Start of Records for this exercise
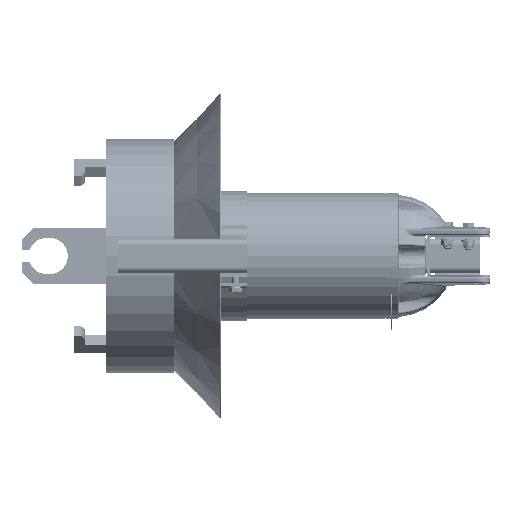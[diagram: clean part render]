
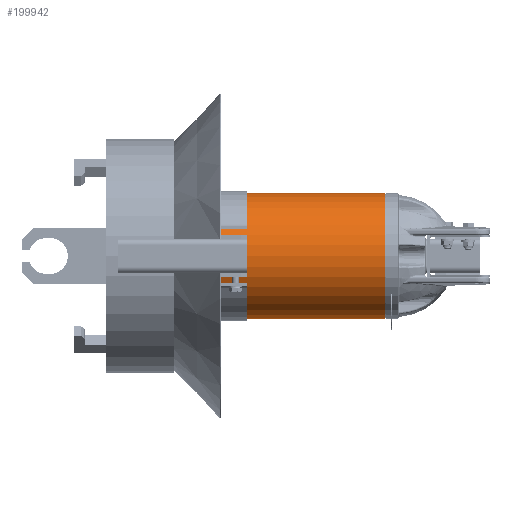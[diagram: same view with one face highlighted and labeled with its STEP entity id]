
A CAD part, front view. The second image highlights one B-rep face of the part: STEP entity #199942.
In plain terms, the highlighted cylindrical face has radius 111.25 mm (diameter 222.5 mm), a partial arc.
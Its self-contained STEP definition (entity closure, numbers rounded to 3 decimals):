
#3011 = EDGE_CURVE ( 'NONE', #386986, #165219, #118299, .T. ) ;
#11624 = DIRECTION ( 'NONE',  ( -1., 0., 0. ) ) ;
#12164 = CIRCLE ( 'NONE', #307343, 111.25 ) ;
#75307 = EDGE_CURVE ( 'NONE', #374266, #390274, #158066, .T. ) ;
#76154 = CARTESIAN_POINT ( 'NONE',  ( -338.9, 0., 0. ) ) ;
#103263 = CYLINDRICAL_SURFACE ( 'NONE', #150036, 111.25 ) ;
#114098 = DIRECTION ( 'NONE',  ( 0., 0., 1. ) ) ;
#118299 = LINE ( 'NONE', #219239, #133738 ) ;
#133738 = VECTOR ( 'NONE', #217824, 1000. ) ;
#138341 = AXIS2_PLACEMENT_3D ( 'NONE', #312432, #375697, #114098 ) ;
#145370 = CIRCLE ( 'NONE', #138341, 111.25 ) ;
#150036 = AXIS2_PLACEMENT_3D ( 'NONE', #286855, #184706, #181904 ) ;
#158066 = LINE ( 'NONE', #212302, #415220 ) ;
#165219 = VERTEX_POINT ( 'NONE', #370762 ) ;
#181904 = DIRECTION ( 'NONE',  ( 0., 0., 1. ) ) ;
#184706 = DIRECTION ( 'NONE',  ( -1., 0., 0. ) ) ;
#199942 = ADVANCED_FACE ( 'NONE', ( #232008 ), #103263, .T. ) ;
#201023 = EDGE_CURVE ( 'NONE', #165219, #390274, #12164, .T. ) ;
#212302 = CARTESIAN_POINT ( 'NONE',  ( -338.9, 0., 111.25 ) ) ;
#217824 = DIRECTION ( 'NONE',  ( -1., 0., 0. ) ) ;
#219239 = CARTESIAN_POINT ( 'NONE',  ( -338.9, 0., -111.25 ) ) ;
#219266 = CARTESIAN_POINT ( 'NONE',  ( -338.9, 0., 111.25 ) ) ;
#232008 = FACE_OUTER_BOUND ( 'NONE', #344638, .T. ) ;
#241545 = DIRECTION ( 'NONE',  ( 0., 0., 1. ) ) ;
#246460 = CARTESIAN_POINT ( 'NONE',  ( -1.4, 0., -111.25 ) ) ;
#253903 = DIRECTION ( 'NONE',  ( -1., 0., 0. ) ) ;
#269536 = ORIENTED_EDGE ( 'NONE', *, *, #201023, .F. ) ;
#286855 = CARTESIAN_POINT ( 'NONE',  ( -338.9, 0., 0. ) ) ;
#288881 = CARTESIAN_POINT ( 'NONE',  ( -1.4, 0., 111.25 ) ) ;
#307343 = AXIS2_PLACEMENT_3D ( 'NONE', #76154, #11624, #241545 ) ;
#312432 = CARTESIAN_POINT ( 'NONE',  ( -1.4, 0., 0. ) ) ;
#344638 = EDGE_LOOP ( 'NONE', ( #384356, #391446, #346799, #269536 ) ) ;
#346799 = ORIENTED_EDGE ( 'NONE', *, *, #75307, .T. ) ;
#370762 = CARTESIAN_POINT ( 'NONE',  ( -338.9, 0., -111.25 ) ) ;
#374266 = VERTEX_POINT ( 'NONE', #288881 ) ;
#375697 = DIRECTION ( 'NONE',  ( -1., 0., 0. ) ) ;
#384356 = ORIENTED_EDGE ( 'NONE', *, *, #3011, .F. ) ;
#386986 = VERTEX_POINT ( 'NONE', #246460 ) ;
#390274 = VERTEX_POINT ( 'NONE', #219266 ) ;
#391446 = ORIENTED_EDGE ( 'NONE', *, *, #426360, .T. ) ;
#415220 = VECTOR ( 'NONE', #253903, 1000. ) ;
#426360 = EDGE_CURVE ( 'NONE', #386986, #374266, #145370, .T. ) ;
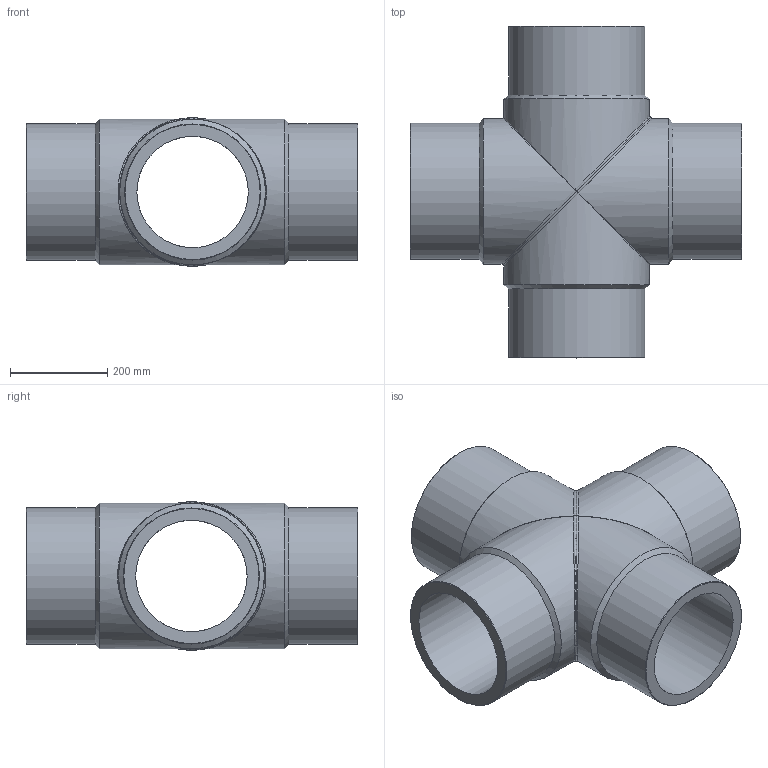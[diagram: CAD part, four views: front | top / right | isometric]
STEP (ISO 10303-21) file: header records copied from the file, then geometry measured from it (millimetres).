
FILE_DESCRIPTION(/* description */ ('Unknown'),/* implementation_level */ '2;1');
FILE_NAME(/* name */ 'CRP280C',/* time_stamp */ '2022-07-07T17:09:16+02:00',/* author */ ('Unknown'),/* organization */ ('Unknown'),/* preprocessor_version */ 'ST-DEVELOPER v18.102',/* originating_system */ 'Solid Edge',/* authorisation */ 'Unknown');
FILE_SCHEMA (('AUTOMOTIVE_DESIGN {1 0 10303 214 3 1 1}'));
Length unit declared in the file: millimetre
Products named in the file (3): CRP280C; CRP280C_mir1
Assembly tree (2 placements, depth 2):
  CRP280C
    CRP280C
    CRP280C_mir1
Bounding box: 682.5 x 682.5 x 304.99 mm (x, y, z)
Volume: 24883312.4 mm3; surface area: 1845397.2 mm2
Topology: 2 solids, 2 shells, 32 faces, 144 edges, 114 vertices
Faces by surface type: cylinder 12, cone 8, plane 6, bspline 6
Full cylindrical faces by diameter (mm): 229.2 x4, 280 x4, 300 x4
Entity records: 4141 total; most frequent: CARTESIAN_POINT 3143, ORIENTED_EDGE 228, DIRECTION 126, EDGE_CURVE 114, VERTEX_POINT 104, B_SPLINE_CURVE_WITH_KNOTS 80, AXIS2_PLACEMENT_3D 63, EDGE_LOOP 58
End of Records for this exercise
Action item: Retype word for word everything in the listing above from the line that holds "#103263 = CYLINDRICAL_SURFACE" down to the line that holds "#145370 = CIRCLE". Keep both end lines and leave out the rest.

Worked solution:
#103263 = CYLINDRICAL_SURFACE ( 'NONE', #150036, 111.25 ) ;
#114098 = DIRECTION ( 'NONE',  ( 0., 0., 1. ) ) ;
#118299 = LINE ( 'NONE', #219239, #133738 ) ;
#133738 = VECTOR ( 'NONE', #217824, 1000. ) ;
#138341 = AXIS2_PLACEMENT_3D ( 'NONE', #312432, #375697, #114098 ) ;
#145370 = CIRCLE ( 'NONE', #138341, 111.25 ) ;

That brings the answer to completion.